Should you or shouldn’t you take on a new role at work?
It might feel safer to stay put, but CSL’s Jill Allen recommends an open mind. She made some key moves in her career of more than 20 years with CSL, where she now heads bulk manufacturing at the Broadmeadows facility in Australia. She attended Melbourne University in Australia and joined CSL after studying chemical engineering and science, majoring in virology and microbiology, and receiving a master’s degree in engineering. Later, with the assistance of CSL, she completed a Master’s in Business Administration.
Allen started as a project engineer at the Broadmeadows manufacturing facility. CSL is a global biotech company that makes medicines for people with rare and serious diseases, as well as being one of the world’s leading providers of influenza vaccines. Three years in with CSL, Allen took an opportunity to work in Switzerland.
“It was an incredible opportunity to see another country and different approaches to work and life,” she said.
When her project wound up, Allen transitioned from Engineering into Regulatory Affairs, a completely different function. A few years later, she returned to Australia first to Regulatory Affairs and then to Quality, taking on new responsibilities for product safety and compliance and more people management responsibilities.

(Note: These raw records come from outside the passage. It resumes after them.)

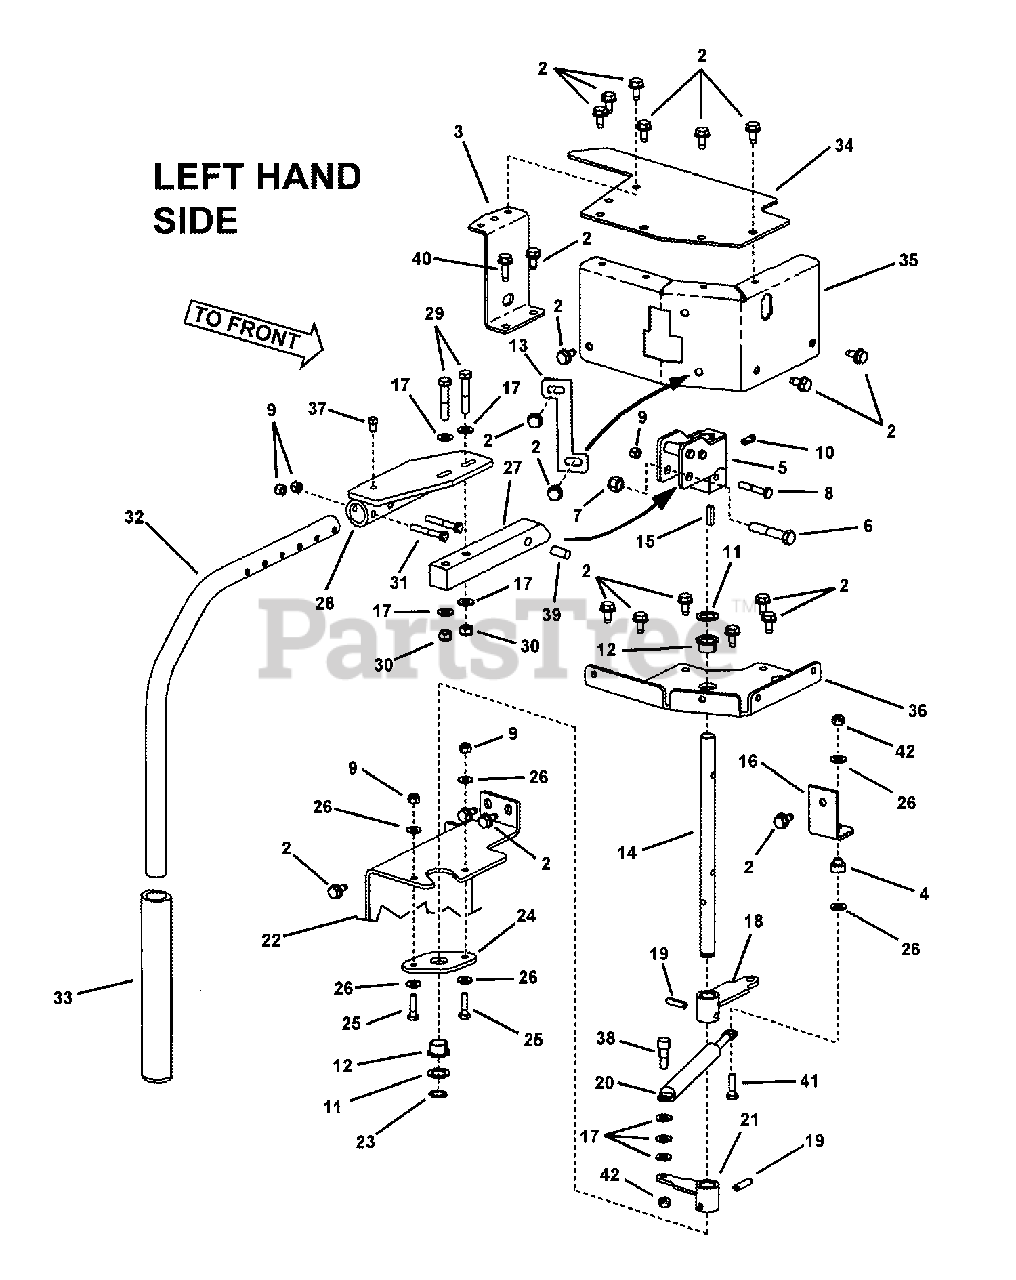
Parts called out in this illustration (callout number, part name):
2	SCREW, 5/16-18 x 5/8" Hex Washer Self-Tap
3	LIMITER BRACKET, Rear
4	SPACER
5	WELDMENT, Mounting Hub
6	BOLT, 3/8-16 X 2, GD5, CZ
7	NUT, 3/8-16 HEX NYLON LOCK
8	SCREW, 1/4-20 x 1-1/2" Hex Head Cap GR5
9	NUT, 1/4-20 HEX NYLON LOCK
10	SET SCREW, 5/16-18 Square Head w/Patch
11	WASHER, .64 I.D. x .99 O.D. x .05 Flat
12	BUSHING, Teflon Impregnated
13	BRACKET, Speed Control
15	KEY, 3/16" Square x 7/8" Long
16	BRACKET, Dampener Frame
17	WASHER, 5/16" Flat
18	WELDMENT, Bellcrank, Pump Control
19	GROOVE PIN, 1/4 x 1-1/4" long
20	CYLINDER, Dampener
21	WELDMENT, Bellcrank Dampener Control
22	CHANNEL, Mounting
23	RING, 5/8" External Retaining
24	MOUNTING PLATE, Left Hand Bearing
25	BOLT, 1/4-20 X 1" GD5 CZ
26	WASHER, .28 I.D. x .63 O.D. x .06 Thick Flat
27	MOUNTING ARM
28	WELDMENT, L.H. Adjustable Handlebar Attachment
29	BOLT, 5/16-18 X 1-3/4 GD5 YZ
30	NUT, 5/16-18 HEX NYLON LOCK
31	BOLT, 1/4-20 X 1-3/4" GD5 YZ
32	HANDLEBAR
33	GRIP, Twin Stick
34	LIMITER BRACKET, Left Hand Outside
35	LIMITER BRACKET, Left Hand
36	BUSHING MOUNTING PLATE, Left Hand
37	SET SCREW, 5/16-18 x 1/2" Square Head Cup Point w/patch
38	SCREW, 1/4-20 Shoulder Socket Head
39	SPACER, .498 O.D. x 1.010" long
40	SCREW, 5/16-18 x 1" Hex Washer Self-Tap
41	SCREW, 1/4-20 x 1-1/4" Hex Head Cap
42	NUT, 1/4-20 Hex Center Lock
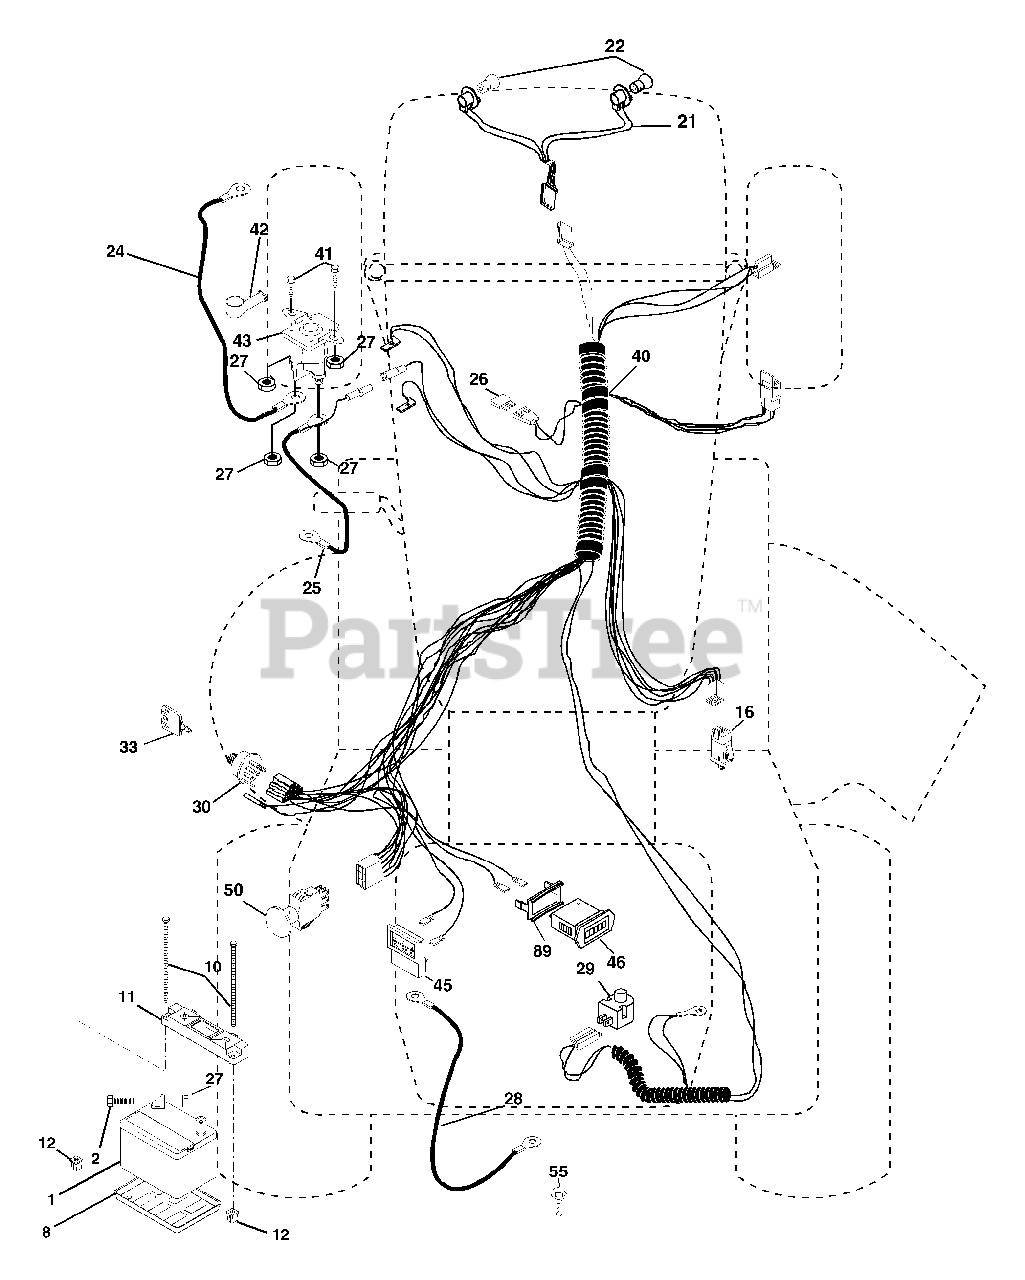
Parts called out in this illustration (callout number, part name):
1	Battery
2	Bolt Hex Hd 1/4-20 unc x 3/4
8	Battery Tray
10	Bolt 1/4-20 x 7.5
11	Holddown Battery Front Mount
12	Nut Push Nylon 1/4"
16	Switch Interlock Push-In
21	Harness Asm Light W/4152j
22	Bulb Light #1156
24	Cable Battery 6 Ga. 11" red
25	Cable Battery 6 Ga. 22" red w/16 wire
26	Fuse 20 AMP
27	Nut Keps Hex 1/4-20 unc
28	Cable Ground black
29	Switch Plunger Nc Gray
30	Switch Ign
33	Key Ign Molded Generic
40	Harness Ign.
41	Bolt Blk Fin Hex 1/4 - 20 x 1/2
42	Cover Terminal Red
43	Solenoid
46	Hourmeter Snap-In
50	Switch PTO
55	Screw 5/16-18 x 1/2
89	Bracket Snap-In Hourmeter

“From there, I’d done Engineering, Regulatory Affairs, Quality, and thought, ‘what’s next’? The next strategic step was to move to Manufacturing, because ultimately, CSL is a pharmaceutical manufacturer,” Allen said. “That’s an overarching theme for the past 20 years – there’s not a day that goes by that I don’t learn something new.”

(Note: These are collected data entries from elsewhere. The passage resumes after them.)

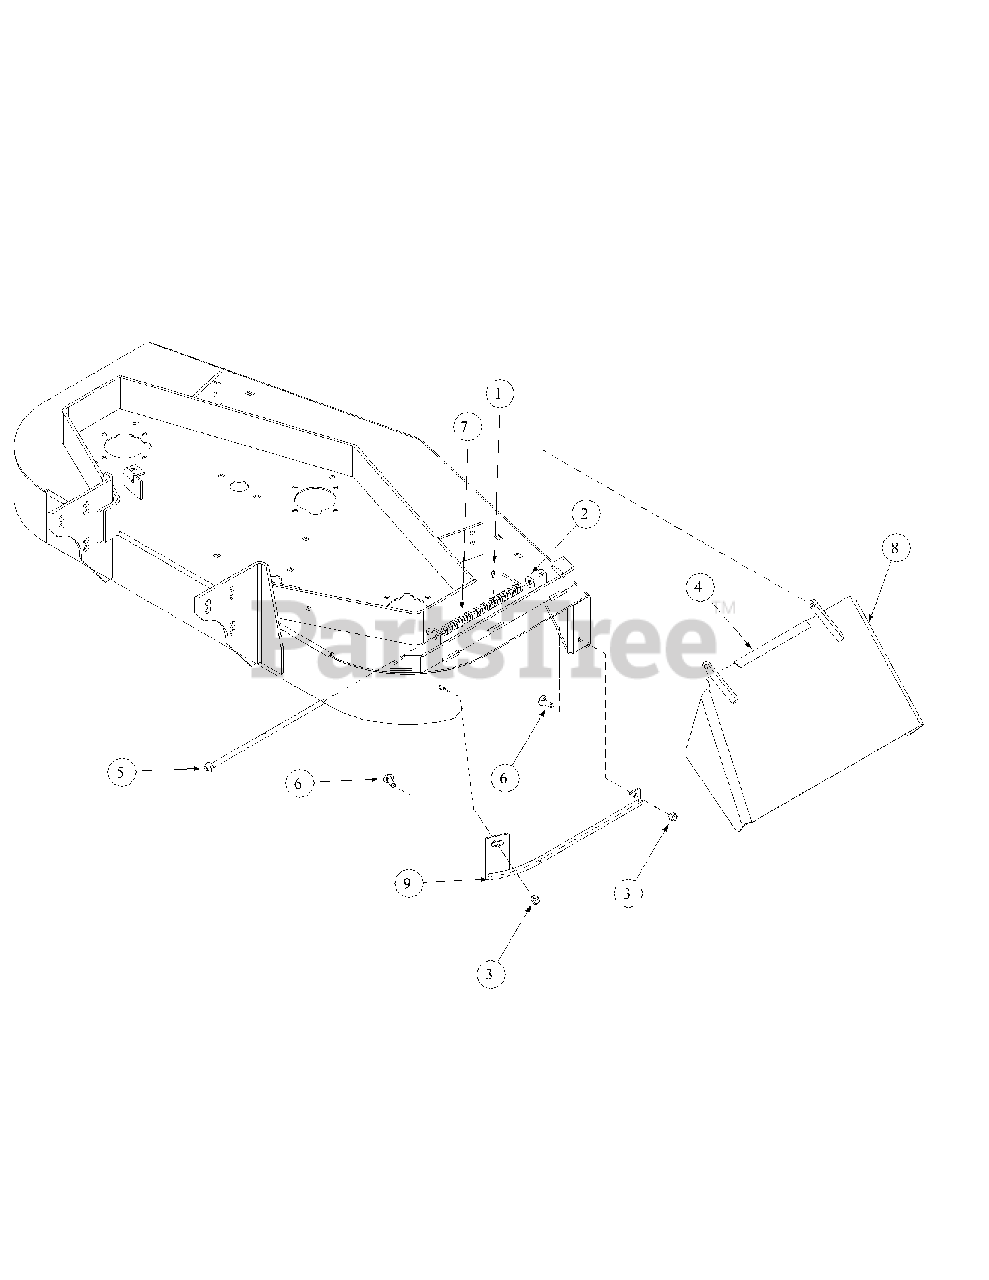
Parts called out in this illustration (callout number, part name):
1	Cotter Pin, 5/32 x 1" Lg. Zinc
2	Flat Washer, 3/8 Zinc
3	Lock Nut, Nylon Insert, 3/8-16
4	Decal, Cut LIne
5	Pin Deflector Assembly, Weldment
6	Carriage Bolt, 3/8-16 x 2
7	Torsion Spring
8	Chute Assembly
9	Stiffner Assembly, 48
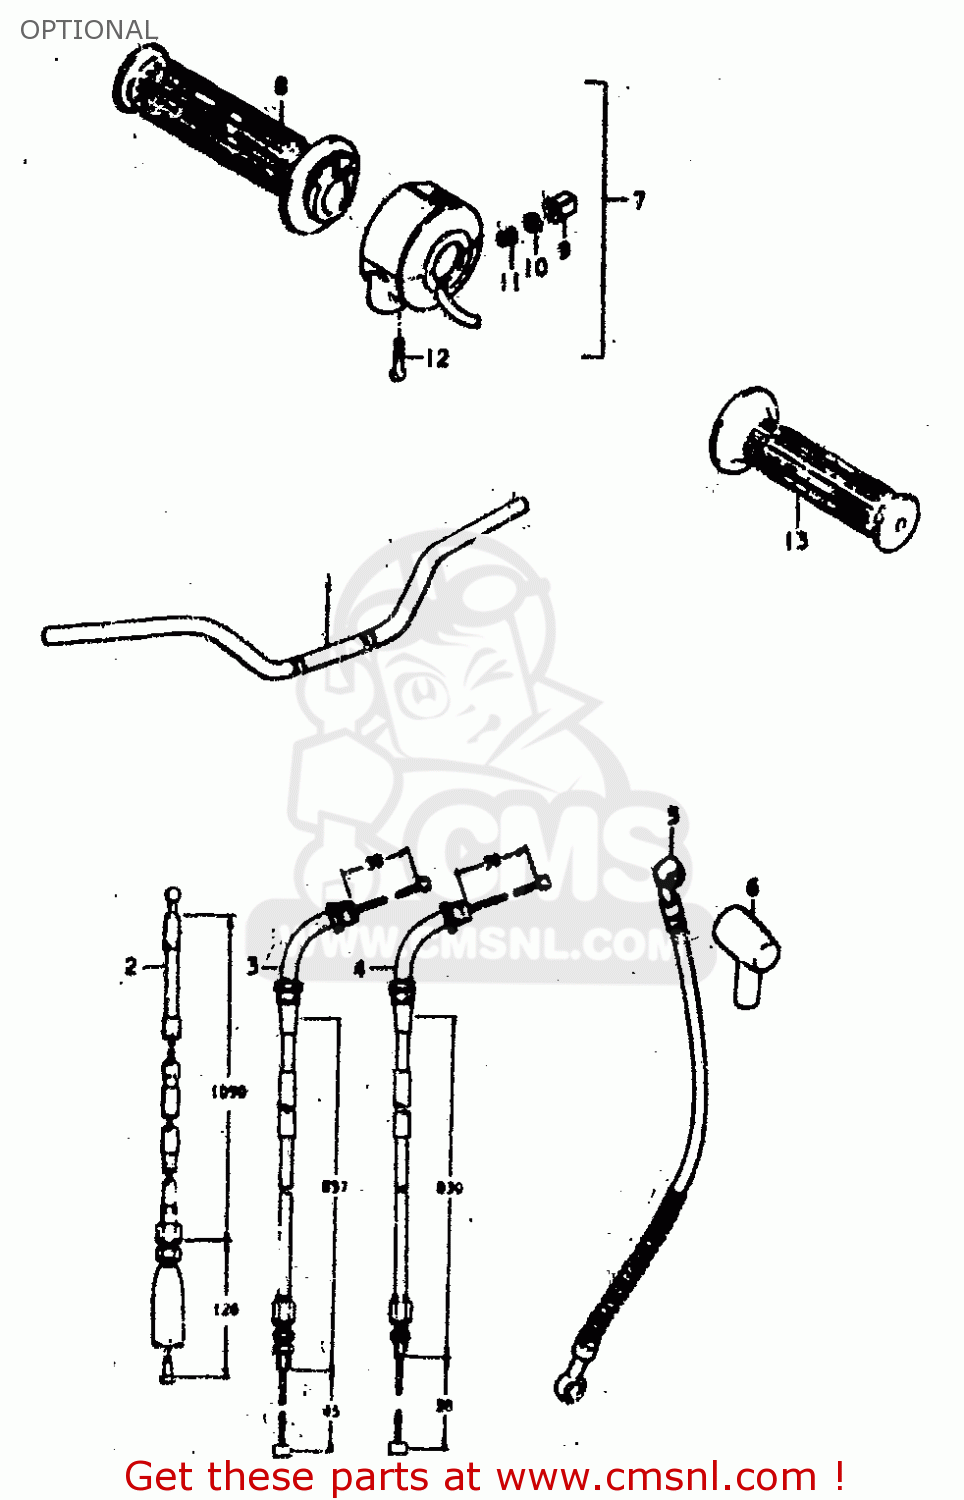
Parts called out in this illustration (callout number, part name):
1	HANDLEBAR
2	CABLE ASSY, CLUTCH
3	CABLE ASSY, THROTTLE (1)
4	CABLE ASSY, THROTTLE (2)
5	HOSE,FRONT BRAKE
6	BOOT

Here are Allen’s five tips for staying open to new career challenges:
- Try the 60-40 rule. Allen has taken this brave approach to career advancement. She’ll leap into a new role if she has experience in 60% of the role’s requirements. Conversations with other women, including mentors, helped her be more brave and more confident, she said.
- Think about the future. “Think about where you want to be in five to seven years’ time and ask whether what you’re doing now is setting yourself up for that.”

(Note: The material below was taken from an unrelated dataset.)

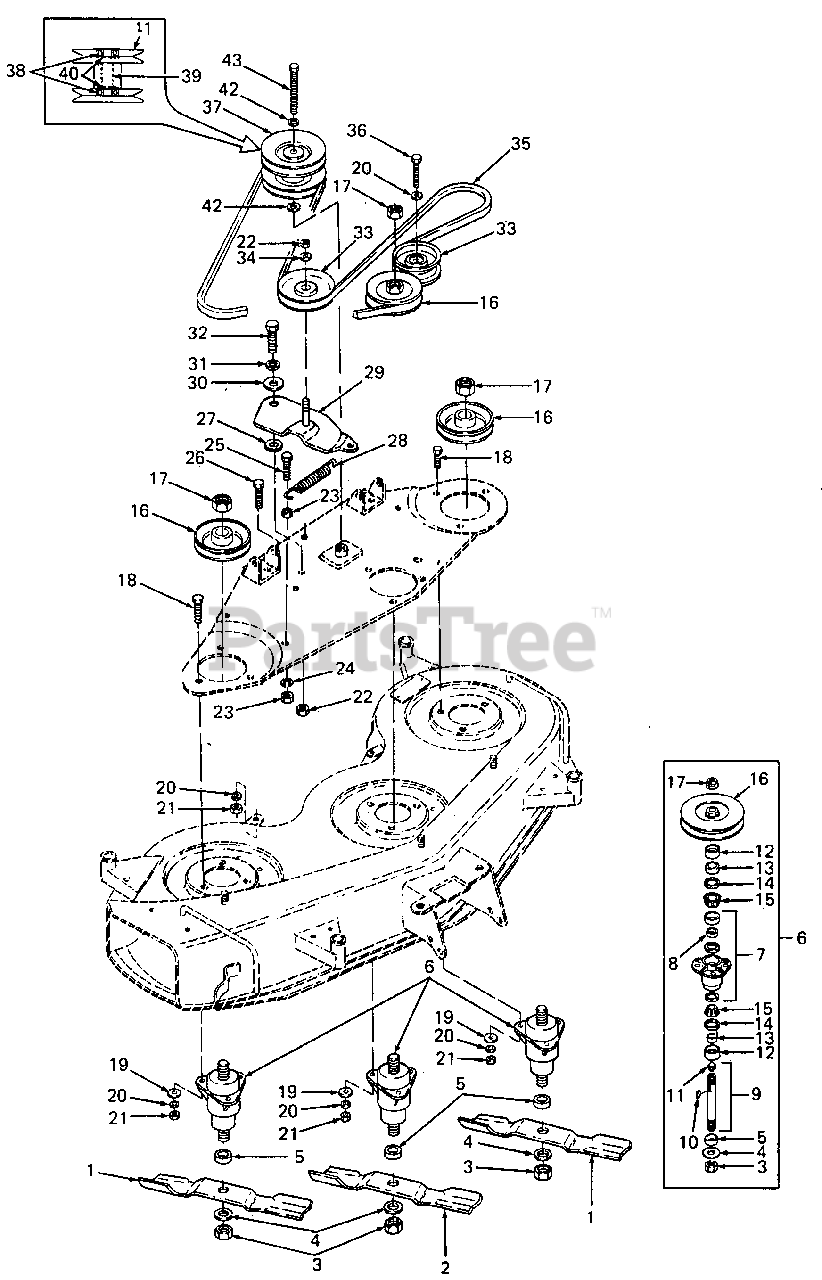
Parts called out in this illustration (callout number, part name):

- Keep your options open. When considering subsequent roles, choose a move that broadens your options rather than narrows them, Allen said. Avoid the trap of being an incredible subject matter expert with limited options.
- Take risks and challenge yourself. “I look for interesting challenges,” Allen said. “When I think about what I do and don’t know, I consider soft skills as well as technical.”
- Help others reach their potential. “Other women gave me guidance and confidence, and they opened my eyes to things I hadn’t thought of before. Now it’s starting to flip the other way and I thoroughly enjoy having a number of people I mentor,” Allen said.